In the present invention, the term "fiber aggregate" refers to an intertwined component fiber, and the term "fiber web" refers to an unentangled component fiber.

[0012]

According to the cleaning sheet of the present invention, relatively large dust can be collected by the large second uneven portion formed on the entire cleaning sheet, and the relatively small first uneven portion formed on the fiber assembly. Thus, relatively small dust can be collected, and various dusts can be collected by a fiber entanglement effect having a high degree of freedom as a whole, or by trapping in a gap between constituent fibers. Furthermore, even a rigid and relatively long material such as hair can be collected by entanglement with the fiber because the constituent fibers of the first sheet have a high degree of freedom.

[0013]

Embodiments of the present invention will be described below in detail with reference to the accompanying drawings. FIG. 1 is a perspective view of a cleaning sheet according to an embodiment of the present invention. FIG. 2 is a perspective view of the cleaning sheet shown in FIG.
FIG. 3 is a cross-sectional view showing a state cut along the line II, FIG. 3 is an enlarged cross-sectional view of the cleaning sheet shown in FIG. 2, FIG. 4 is a plan view of a net used as a mesh sheet, and FIG.
, FIG. 6 is a plan view of a fiber assembly used as a mesh sheet, and FIG. 7 is a plan view of a perforated film used as a mesh sheet. It is.

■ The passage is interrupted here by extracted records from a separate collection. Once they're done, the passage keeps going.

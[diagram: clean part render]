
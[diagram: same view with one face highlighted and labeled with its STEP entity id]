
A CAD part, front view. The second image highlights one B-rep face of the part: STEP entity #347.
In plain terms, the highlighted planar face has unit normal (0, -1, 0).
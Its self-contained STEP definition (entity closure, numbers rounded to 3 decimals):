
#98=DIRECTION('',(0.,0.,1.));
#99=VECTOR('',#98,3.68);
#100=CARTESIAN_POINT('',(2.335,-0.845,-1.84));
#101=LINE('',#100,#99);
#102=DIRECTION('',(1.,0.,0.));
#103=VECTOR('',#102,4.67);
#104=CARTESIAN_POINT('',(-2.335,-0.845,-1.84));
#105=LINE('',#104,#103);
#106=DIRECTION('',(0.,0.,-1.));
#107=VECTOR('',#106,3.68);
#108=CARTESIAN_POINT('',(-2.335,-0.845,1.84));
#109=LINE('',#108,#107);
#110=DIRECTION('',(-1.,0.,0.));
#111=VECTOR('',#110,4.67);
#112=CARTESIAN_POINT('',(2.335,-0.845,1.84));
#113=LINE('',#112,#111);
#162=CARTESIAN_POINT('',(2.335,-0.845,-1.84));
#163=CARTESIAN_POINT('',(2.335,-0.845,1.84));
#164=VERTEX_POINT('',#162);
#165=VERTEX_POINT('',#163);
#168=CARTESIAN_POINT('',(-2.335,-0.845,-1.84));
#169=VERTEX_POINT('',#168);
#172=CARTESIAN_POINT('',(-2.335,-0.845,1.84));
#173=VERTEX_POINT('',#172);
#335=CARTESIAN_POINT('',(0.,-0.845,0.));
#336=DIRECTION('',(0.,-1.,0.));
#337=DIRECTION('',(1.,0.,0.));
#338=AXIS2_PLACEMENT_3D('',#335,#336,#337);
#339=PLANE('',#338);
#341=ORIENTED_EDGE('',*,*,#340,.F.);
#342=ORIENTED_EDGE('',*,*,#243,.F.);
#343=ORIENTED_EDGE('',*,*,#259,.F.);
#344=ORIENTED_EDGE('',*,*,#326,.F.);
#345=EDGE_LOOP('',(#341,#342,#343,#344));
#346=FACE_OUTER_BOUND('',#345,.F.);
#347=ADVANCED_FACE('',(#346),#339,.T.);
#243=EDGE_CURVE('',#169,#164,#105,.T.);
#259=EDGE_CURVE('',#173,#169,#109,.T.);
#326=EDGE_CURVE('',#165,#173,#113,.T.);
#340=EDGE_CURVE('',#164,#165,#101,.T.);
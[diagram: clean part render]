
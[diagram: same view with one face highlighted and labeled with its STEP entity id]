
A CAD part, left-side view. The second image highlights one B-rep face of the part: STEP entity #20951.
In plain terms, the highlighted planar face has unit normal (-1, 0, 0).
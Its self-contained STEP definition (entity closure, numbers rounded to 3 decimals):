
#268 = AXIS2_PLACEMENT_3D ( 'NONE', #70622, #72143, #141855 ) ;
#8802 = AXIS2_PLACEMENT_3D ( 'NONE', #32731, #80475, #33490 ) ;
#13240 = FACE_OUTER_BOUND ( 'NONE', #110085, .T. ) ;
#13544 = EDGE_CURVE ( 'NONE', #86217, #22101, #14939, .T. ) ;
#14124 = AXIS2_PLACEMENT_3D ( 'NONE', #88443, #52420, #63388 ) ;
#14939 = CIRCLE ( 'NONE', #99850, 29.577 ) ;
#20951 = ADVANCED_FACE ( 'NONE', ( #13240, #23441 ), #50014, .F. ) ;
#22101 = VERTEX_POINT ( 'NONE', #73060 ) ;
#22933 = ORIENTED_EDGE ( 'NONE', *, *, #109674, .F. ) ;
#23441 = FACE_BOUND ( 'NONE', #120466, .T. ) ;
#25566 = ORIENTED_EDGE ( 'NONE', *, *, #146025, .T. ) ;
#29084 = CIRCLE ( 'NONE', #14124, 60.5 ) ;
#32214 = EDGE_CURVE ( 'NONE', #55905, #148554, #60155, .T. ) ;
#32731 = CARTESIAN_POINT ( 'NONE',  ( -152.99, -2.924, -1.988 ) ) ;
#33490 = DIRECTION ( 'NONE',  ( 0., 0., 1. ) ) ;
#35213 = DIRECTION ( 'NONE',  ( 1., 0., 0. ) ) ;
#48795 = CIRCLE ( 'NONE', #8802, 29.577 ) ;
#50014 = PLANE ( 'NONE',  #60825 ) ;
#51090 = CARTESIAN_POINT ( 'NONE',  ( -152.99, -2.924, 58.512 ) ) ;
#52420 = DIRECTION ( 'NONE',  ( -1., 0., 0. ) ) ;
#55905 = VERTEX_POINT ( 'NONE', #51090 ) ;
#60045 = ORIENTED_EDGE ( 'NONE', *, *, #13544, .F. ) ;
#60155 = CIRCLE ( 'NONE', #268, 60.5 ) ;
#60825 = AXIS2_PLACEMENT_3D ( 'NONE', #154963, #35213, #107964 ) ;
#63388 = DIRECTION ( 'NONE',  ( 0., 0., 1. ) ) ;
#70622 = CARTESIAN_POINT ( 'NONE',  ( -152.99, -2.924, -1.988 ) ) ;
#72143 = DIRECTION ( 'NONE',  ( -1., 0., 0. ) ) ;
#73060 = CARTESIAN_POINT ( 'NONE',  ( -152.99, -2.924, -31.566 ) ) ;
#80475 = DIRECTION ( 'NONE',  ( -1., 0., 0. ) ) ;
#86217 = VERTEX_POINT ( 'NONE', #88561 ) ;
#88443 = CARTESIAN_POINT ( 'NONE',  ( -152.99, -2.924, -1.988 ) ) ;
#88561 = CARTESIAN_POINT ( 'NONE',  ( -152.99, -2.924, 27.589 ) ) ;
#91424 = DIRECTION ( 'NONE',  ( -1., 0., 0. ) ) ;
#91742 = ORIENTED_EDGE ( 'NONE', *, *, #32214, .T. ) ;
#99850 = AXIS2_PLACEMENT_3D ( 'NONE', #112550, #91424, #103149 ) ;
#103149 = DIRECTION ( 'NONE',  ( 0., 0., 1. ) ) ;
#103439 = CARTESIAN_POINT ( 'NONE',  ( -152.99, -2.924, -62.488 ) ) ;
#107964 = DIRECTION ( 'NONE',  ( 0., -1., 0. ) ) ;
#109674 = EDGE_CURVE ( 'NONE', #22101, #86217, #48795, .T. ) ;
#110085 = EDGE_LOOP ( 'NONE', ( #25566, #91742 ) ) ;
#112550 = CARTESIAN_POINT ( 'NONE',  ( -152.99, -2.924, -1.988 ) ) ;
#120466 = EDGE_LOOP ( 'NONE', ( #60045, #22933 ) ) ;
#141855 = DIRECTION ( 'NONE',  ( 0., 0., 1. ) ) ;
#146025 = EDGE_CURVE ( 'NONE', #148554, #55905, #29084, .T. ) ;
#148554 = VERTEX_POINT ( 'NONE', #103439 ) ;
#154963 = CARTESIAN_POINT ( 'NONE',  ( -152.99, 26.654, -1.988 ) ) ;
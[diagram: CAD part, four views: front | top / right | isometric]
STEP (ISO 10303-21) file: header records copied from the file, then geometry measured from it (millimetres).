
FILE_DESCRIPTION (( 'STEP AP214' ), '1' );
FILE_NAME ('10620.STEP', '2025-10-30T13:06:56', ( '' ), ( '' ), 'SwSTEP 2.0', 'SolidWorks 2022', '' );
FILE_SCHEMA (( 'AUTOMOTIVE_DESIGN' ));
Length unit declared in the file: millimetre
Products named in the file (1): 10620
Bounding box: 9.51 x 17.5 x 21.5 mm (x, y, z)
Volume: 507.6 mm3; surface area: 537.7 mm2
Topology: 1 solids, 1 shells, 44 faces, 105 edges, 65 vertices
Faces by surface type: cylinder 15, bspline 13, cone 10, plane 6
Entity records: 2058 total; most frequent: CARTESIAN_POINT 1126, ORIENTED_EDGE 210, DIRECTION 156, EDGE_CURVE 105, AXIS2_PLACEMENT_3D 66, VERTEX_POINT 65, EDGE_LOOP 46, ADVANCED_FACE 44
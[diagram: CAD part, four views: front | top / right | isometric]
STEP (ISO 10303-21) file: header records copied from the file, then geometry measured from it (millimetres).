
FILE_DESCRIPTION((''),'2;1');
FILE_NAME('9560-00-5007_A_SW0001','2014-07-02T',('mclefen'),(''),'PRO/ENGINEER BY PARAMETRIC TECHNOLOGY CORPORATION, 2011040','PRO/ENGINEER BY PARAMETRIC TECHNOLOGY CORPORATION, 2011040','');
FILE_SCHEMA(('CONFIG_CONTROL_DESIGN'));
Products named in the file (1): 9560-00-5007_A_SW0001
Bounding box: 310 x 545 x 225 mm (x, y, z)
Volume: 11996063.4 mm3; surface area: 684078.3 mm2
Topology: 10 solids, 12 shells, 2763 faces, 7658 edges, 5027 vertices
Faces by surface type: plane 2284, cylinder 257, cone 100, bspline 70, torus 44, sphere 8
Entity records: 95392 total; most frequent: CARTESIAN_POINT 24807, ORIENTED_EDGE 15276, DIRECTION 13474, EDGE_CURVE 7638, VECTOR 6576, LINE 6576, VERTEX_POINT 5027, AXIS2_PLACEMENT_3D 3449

As shown in FIGS. 1 to 4, a cleaning sheet 10 according to the present embodiment includes a first sheet 12 in which a net-like sheet 11 and a fiber assembly 14 are integrated by entanglement of fibers.
A cleaning sheet integrally formed by partially bonding the sheet 12 to a second sheet 15 of a heat-shrinkable sheet, and the first sheet 12 has a plurality of relatively small first sheets on its surface. One uneven portion 14A, 14B is formed, and the whole first sheet 12 forms relatively large second uneven portions 10A, 10B with respect to the second sheet 15.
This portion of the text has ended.